As the new Liverpool Everyman settles into its renovated home, it’s time for the Playhouse to steal back a little limelight. The first production in the Spring/Summer season is this revival of Arthur Miller’s 1955 classic tragedy. It’s the story of New York dock worker, Eddie Carbone (Lloyd Hutchinson) and his struggle to provide for his family against a backdrop of sweeping social changes, immigration and his own prejudices.
Eddie lives with his wife, Beatrice (Julia Ford) and orphaned niece, the 17-year old Catherine (Shannon Tarbet); a beautiful, intelligent teenager who wants to spread her wings and discover the world. It quickly becomes apparent that Eddie harbours more than paternal feelings for his ward, feelings he struggles to deal with when Beatrice’s two Italian cousins Rodolpho (Andy Apollo) and Marco (Daniel Coonan) arrive from the motherland (illegally) looking for work at the docks. When Eddie realises that Catherine and Rodolpho share a mutual attraction, he is horrified. He not only feels threatened by the young man’s presence, but he’s afraid of being usurped in Catherine’s affections.
The drama centres around Eddie’s attempts to justify his bullish behaviour around the Italian interlopers, and stop Catherine from becoming independent. Beatrice, patently aware of her husband’s unhealthy interest in her niece, actively encourages Catherine to take a job so she can make enough money to move into her own place – and away from Eddie – and is also instrumental in pushing Catherine and Rodolpho together. Still in love with her husband, despite his lack of attention, Beatrice avoids the temptation to confront Eddie over his infatuation of Catherine, but knows no good will come of the situation as long as Rodolpho is around.
Acting as narrator of the play is lawyer, Mr Alfieri (Bruce Alexander), a Harry Carpenter-lookalike who tells the audience all about Eddie and – in conversation with Eddie himself – tries to persuade him to put Catherine out of his mind, when Eddie goes to him for ‘legal advice’ on how to split Catherine and Rodolpho. Because Rodolpho is blond (a rarity in Eddie’s neighbourhood), can cook, sew, sing and dance, Eddie is convinced that the young man is “not right”, and is only pursuing Catherine for his own passport. Eddie even tries to teach Rodolpho how to box, to prove to Catherine how weak the young man is. Jealousies and accusations abound and, as Mr Alfieri has warned us from the start, things just aren’t going to end well.
It’s the second time I’ve seen the play (the last being in Nottingham many years ago), but it all came flooding back as Eddie bellowed his way through his own arguments, refusing to see anybody’s point of view except his own and determined that, if he couldn’t have Catherine then, in the age-old tradition of love and revenge, then nobody would.
Overall, it’s a very good production, with Hutchinson’s powerful performance a particular standout, he really is excellent. The set is admirably simple, the lighting suitably morose and understated, and the sense of impending doom is always there from start to finish.

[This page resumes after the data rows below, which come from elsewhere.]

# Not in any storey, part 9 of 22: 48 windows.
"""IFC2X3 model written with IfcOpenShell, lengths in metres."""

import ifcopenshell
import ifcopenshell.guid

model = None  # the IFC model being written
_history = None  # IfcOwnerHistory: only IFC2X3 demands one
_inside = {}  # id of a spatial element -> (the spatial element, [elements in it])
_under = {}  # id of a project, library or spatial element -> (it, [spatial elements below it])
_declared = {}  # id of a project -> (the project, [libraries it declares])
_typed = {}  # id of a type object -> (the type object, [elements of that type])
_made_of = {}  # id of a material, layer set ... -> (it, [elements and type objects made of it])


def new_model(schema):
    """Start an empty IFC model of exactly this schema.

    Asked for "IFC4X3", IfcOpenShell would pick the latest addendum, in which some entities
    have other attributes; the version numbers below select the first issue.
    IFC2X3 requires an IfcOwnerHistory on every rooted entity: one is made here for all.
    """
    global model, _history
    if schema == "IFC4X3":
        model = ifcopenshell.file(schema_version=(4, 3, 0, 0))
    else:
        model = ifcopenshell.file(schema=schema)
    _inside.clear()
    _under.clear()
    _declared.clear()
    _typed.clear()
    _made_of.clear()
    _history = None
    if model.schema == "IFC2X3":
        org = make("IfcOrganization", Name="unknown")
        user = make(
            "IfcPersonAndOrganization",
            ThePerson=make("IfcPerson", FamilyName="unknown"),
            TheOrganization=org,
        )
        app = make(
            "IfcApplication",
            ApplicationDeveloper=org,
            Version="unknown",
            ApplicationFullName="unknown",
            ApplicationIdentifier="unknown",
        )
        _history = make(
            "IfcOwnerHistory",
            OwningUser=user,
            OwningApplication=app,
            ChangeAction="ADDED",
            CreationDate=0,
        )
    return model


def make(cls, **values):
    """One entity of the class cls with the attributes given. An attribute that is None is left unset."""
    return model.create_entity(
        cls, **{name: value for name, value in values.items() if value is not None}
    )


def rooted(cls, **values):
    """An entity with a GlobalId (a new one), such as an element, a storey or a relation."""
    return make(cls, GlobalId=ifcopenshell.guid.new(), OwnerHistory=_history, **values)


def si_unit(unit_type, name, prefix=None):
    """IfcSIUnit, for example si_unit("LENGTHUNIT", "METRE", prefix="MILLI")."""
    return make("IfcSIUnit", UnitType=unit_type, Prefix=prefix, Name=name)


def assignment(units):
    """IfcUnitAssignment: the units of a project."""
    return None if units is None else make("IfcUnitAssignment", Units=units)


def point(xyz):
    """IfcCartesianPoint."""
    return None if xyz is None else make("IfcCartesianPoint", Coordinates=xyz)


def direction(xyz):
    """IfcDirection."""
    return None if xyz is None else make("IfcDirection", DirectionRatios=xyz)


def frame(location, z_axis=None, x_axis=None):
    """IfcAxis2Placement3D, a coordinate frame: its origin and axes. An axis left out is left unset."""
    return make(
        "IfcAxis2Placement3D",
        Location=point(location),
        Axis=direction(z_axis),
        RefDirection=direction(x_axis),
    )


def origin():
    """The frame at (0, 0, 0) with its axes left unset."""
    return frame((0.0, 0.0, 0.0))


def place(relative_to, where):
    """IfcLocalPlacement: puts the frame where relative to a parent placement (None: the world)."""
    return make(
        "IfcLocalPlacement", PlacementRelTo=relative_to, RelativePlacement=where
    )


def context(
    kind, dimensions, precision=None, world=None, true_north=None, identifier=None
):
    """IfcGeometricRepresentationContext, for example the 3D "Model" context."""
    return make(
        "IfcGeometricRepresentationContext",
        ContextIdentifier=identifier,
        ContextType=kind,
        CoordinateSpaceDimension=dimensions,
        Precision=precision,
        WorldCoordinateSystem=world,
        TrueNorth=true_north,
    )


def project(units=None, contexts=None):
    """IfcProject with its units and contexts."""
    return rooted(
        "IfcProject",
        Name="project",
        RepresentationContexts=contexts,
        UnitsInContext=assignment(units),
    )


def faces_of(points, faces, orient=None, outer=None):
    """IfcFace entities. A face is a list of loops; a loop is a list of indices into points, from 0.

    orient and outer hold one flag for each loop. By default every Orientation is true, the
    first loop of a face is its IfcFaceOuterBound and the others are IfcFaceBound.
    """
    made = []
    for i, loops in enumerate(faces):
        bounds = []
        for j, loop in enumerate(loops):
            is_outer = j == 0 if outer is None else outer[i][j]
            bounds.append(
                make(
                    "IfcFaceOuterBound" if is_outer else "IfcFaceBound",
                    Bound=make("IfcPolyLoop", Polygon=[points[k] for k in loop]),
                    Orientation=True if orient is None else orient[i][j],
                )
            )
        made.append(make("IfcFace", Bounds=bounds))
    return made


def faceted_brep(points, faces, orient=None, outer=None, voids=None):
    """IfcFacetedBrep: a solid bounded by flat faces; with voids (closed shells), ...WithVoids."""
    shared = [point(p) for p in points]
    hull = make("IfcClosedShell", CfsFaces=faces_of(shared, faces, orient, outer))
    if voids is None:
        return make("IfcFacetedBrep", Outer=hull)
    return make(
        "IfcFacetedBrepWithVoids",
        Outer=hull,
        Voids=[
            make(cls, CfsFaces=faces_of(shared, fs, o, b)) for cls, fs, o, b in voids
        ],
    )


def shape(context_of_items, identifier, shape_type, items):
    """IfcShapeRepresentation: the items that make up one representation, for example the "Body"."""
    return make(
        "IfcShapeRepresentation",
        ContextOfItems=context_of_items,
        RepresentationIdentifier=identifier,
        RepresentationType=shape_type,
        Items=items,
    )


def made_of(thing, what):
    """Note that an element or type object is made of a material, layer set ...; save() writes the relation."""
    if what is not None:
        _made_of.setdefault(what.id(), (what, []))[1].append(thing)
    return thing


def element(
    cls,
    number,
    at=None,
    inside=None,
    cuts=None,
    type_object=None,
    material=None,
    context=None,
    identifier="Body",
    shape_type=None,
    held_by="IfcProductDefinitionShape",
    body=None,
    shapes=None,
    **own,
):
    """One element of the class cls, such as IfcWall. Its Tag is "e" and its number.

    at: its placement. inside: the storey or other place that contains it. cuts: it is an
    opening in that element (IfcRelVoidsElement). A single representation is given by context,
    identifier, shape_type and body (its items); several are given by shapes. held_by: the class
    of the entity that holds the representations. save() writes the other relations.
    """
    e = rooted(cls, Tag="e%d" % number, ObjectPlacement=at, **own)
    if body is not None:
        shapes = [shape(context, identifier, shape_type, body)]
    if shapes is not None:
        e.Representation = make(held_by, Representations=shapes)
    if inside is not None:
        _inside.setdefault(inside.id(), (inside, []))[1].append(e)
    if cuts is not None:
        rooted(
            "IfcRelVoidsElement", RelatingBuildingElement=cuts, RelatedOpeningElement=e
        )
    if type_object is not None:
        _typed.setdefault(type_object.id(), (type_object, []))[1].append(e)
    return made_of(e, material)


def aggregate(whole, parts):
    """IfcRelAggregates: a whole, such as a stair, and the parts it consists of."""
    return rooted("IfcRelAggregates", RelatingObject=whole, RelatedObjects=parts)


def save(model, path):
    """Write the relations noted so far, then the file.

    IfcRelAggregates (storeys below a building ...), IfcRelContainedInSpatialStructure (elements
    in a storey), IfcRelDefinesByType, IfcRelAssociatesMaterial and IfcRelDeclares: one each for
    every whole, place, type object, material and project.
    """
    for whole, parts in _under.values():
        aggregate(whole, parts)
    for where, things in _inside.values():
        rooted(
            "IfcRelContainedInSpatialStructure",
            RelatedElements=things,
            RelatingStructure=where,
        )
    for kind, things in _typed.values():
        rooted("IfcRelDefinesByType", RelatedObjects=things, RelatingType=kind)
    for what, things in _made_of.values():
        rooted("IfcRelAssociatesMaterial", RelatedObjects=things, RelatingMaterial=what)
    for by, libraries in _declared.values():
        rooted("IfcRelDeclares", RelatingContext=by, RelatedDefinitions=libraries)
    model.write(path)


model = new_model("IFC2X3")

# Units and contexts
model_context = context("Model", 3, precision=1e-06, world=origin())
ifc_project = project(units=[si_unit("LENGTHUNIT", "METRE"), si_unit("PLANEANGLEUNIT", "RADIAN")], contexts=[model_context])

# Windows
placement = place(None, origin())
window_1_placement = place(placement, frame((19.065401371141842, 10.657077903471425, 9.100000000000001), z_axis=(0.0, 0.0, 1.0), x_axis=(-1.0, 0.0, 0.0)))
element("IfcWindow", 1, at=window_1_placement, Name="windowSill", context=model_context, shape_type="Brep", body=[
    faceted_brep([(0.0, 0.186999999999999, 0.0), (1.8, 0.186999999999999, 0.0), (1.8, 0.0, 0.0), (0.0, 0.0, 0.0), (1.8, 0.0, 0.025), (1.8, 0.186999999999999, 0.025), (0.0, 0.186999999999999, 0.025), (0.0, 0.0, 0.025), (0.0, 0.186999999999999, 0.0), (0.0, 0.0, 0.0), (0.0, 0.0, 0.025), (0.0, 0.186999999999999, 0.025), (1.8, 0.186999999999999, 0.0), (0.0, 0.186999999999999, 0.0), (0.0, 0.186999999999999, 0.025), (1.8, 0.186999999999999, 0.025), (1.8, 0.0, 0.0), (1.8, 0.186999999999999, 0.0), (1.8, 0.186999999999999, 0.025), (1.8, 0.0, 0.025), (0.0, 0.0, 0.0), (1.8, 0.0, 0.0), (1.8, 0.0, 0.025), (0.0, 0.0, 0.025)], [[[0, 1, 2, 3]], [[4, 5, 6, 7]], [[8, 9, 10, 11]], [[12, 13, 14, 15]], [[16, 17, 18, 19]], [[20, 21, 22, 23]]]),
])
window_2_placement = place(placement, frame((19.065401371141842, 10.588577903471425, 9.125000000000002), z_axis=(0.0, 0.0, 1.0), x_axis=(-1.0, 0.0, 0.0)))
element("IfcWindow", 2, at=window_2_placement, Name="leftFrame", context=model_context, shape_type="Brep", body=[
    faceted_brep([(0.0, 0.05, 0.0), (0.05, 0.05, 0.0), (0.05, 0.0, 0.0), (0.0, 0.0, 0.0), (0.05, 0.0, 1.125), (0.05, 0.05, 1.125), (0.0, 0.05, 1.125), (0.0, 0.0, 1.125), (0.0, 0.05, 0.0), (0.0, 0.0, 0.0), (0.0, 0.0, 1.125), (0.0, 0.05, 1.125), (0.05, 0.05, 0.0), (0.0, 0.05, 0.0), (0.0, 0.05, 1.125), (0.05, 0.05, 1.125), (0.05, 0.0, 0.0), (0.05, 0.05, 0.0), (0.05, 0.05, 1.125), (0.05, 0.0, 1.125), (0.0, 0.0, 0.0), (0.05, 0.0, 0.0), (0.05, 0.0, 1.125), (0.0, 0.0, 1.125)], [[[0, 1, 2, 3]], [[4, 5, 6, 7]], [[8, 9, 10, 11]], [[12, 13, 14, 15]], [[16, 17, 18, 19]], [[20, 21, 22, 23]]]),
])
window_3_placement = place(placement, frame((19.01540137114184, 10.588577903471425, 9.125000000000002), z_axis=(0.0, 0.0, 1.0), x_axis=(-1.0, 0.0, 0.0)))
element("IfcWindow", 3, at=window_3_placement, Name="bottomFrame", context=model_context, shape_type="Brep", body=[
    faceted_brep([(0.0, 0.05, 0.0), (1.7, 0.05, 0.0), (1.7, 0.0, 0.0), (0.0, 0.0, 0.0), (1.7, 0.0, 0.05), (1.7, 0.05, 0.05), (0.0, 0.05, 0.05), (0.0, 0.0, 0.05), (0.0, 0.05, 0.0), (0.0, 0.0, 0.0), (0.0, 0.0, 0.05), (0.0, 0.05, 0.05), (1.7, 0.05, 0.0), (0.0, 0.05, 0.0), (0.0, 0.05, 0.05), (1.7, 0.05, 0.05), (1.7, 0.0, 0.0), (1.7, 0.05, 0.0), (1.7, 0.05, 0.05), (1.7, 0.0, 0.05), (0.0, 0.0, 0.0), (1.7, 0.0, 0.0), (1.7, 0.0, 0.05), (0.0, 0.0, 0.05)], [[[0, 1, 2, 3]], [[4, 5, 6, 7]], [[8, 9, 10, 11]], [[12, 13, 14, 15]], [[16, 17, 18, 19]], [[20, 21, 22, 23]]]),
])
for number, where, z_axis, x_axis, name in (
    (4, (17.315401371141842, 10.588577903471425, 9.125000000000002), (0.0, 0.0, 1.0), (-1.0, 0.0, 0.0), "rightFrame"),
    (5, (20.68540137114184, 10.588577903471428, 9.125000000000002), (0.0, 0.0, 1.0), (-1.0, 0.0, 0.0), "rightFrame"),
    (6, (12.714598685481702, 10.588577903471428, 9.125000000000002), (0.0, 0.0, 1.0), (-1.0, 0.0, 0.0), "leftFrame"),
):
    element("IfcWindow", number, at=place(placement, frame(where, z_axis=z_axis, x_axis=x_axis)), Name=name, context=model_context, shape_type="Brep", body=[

My only gripes are perhaps picky at best, but relevant all the same. Tarbert’s Catherine seemed far too simpering than I remembered, and there was zero sexual energy from her, a precocity which Catherine requires if we’re to believe her uncle’s infatuation with her, and her desire to become her own woman. Ford’s accent slips from New York into Irish and, sometimes, Scouse which, although noticeable, at least serves to demonstrate the common origin of all three. The thing about Julia Ford, though, is that she’s so brilliant at body language and nuances, she could almost have mimed her way through the performance and I’d still have understood exactly what her journey was.
Apollo and Coonan were well cast as the close, if polar opposite, Italian brothers, and Coonan, especially, got the balance between bullish protective sibling and proud, honest worker, spot on. Even the gang of 200 schoolkids who were piled into the Upper Circle, seemed spellbound by the power and drama unfolding on the stage.
Exploring issues which are still as relevant today as ever (sexual jealousy, illegal immigration, family loyalty, poverty and gender stereotypes), A View From The Bridge is a fittingly robust start to the Playhouse’s new programme.
A View From The Bridge @ Liverpool Playhouse runs until Saturday 19th April.